# TO DO
Please report each line of the data below that contains "sizes".

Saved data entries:
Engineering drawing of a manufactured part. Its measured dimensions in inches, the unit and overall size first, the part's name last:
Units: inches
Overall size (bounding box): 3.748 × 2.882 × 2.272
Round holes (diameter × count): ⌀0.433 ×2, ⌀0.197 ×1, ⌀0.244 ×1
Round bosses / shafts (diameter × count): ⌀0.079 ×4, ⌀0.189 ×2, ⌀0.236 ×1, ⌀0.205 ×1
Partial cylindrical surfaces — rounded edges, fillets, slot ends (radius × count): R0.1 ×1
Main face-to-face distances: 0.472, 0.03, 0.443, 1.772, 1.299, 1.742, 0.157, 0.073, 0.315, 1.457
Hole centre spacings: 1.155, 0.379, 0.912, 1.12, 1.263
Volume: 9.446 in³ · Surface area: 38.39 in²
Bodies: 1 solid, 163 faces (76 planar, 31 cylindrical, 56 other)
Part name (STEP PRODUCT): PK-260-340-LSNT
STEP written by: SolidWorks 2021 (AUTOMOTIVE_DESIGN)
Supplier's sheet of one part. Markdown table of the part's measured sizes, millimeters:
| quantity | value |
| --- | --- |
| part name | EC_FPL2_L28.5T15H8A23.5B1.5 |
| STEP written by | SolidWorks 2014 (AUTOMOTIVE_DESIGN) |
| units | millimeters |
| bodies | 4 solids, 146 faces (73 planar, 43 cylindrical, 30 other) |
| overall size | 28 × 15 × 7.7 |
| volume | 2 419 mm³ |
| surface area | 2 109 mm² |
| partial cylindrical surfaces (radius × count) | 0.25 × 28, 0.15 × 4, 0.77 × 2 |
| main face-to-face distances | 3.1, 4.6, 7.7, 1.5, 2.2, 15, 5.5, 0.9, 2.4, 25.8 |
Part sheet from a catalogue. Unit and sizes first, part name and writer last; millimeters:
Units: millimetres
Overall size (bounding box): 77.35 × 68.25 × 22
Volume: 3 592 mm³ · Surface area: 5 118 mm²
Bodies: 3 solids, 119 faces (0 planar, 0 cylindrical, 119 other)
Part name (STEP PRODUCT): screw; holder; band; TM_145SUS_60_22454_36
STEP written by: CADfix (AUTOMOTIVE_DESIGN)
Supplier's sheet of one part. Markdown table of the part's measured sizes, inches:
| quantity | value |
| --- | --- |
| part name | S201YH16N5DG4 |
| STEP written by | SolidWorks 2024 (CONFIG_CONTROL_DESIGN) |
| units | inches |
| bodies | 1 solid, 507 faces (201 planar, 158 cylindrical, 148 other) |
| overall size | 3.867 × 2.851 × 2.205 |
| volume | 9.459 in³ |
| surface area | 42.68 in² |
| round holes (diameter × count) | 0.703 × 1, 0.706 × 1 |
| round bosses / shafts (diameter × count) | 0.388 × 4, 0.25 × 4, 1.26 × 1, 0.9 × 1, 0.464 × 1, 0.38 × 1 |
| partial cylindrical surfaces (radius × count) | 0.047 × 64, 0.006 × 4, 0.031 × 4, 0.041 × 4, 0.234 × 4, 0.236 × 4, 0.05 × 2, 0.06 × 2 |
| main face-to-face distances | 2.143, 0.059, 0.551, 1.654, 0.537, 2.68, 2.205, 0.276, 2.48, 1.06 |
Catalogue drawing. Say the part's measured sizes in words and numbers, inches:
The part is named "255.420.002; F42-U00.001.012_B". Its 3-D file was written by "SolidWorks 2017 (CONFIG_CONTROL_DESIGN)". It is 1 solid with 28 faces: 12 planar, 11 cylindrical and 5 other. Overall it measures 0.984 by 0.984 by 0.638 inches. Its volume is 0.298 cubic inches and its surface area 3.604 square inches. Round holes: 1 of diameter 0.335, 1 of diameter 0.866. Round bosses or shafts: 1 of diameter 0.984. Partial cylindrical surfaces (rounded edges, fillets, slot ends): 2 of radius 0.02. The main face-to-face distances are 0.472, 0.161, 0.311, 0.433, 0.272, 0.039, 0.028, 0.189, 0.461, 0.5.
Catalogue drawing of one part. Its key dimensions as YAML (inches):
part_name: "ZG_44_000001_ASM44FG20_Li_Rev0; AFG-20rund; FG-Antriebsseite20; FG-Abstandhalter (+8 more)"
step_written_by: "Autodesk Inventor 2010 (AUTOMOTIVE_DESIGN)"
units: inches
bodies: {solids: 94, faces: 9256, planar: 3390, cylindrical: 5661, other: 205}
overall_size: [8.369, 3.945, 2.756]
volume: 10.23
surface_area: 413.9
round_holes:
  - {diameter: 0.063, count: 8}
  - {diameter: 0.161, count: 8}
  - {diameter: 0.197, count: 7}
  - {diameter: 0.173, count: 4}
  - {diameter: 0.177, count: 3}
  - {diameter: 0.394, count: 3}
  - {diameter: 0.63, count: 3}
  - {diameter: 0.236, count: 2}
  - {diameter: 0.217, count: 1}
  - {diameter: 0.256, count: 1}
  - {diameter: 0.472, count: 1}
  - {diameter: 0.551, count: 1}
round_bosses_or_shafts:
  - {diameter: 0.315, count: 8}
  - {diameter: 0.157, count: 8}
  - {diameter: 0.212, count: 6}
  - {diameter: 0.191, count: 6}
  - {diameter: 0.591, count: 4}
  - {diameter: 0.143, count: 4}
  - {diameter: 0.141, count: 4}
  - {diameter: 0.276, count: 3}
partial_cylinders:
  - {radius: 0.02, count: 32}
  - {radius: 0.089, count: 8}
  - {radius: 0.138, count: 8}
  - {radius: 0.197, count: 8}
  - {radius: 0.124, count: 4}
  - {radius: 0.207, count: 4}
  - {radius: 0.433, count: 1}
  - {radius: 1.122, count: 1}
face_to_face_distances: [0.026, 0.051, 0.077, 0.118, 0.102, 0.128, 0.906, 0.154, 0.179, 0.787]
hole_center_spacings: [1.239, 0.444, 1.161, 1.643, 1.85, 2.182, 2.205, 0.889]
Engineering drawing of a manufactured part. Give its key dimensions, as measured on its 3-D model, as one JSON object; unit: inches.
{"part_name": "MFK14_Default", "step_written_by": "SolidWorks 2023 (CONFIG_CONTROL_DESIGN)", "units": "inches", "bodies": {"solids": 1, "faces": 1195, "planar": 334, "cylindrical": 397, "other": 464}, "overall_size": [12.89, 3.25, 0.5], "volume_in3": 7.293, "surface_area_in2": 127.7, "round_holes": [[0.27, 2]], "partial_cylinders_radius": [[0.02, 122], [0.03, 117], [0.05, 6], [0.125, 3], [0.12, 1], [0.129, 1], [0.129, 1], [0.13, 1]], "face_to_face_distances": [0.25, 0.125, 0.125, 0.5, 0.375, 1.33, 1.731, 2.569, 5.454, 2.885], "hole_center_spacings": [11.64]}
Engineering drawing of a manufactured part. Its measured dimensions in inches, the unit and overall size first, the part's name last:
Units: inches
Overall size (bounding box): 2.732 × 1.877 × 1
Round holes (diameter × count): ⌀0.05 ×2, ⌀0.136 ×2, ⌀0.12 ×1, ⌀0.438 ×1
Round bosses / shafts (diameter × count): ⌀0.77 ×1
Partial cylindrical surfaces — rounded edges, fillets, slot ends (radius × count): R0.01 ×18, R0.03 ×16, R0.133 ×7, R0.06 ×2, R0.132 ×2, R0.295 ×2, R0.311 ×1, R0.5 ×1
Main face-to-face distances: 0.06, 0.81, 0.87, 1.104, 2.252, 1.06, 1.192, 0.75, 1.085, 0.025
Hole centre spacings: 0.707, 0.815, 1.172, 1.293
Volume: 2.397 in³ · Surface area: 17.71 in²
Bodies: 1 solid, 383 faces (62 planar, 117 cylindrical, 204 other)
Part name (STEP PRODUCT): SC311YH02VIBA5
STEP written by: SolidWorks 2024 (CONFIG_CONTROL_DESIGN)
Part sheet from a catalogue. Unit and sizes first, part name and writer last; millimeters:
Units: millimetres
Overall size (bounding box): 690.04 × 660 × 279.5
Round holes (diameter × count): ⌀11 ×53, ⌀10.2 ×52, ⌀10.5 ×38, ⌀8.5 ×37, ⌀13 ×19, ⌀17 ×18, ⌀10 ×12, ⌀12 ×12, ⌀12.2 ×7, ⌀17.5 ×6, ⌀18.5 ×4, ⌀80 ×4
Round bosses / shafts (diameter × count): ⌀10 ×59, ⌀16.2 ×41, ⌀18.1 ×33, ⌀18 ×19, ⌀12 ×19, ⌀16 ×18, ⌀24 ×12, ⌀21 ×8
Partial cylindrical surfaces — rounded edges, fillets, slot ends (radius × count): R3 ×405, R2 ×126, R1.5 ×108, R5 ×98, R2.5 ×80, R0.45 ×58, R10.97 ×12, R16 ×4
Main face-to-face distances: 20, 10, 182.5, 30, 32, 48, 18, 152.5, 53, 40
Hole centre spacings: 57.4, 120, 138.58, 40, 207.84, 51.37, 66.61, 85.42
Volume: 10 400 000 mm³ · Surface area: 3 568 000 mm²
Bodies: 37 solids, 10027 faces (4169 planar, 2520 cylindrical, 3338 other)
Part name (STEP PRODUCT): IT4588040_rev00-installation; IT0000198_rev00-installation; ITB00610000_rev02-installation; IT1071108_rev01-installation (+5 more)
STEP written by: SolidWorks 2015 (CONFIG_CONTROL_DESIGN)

# RESPONSE TO THIS EXERCISE
Supplier's sheet of one part. Markdown table of the part's measured sizes, millimeters:
Part sheet from a catalogue. Unit and sizes first, part name and writer last; millimeters:
Supplier's sheet of one part. Markdown table of the part's measured sizes, inches:
Catalogue drawing. Say the part's measured sizes in words and numbers, inches:
Part sheet from a catalogue. Unit and sizes first, part name and writer last; millimeters:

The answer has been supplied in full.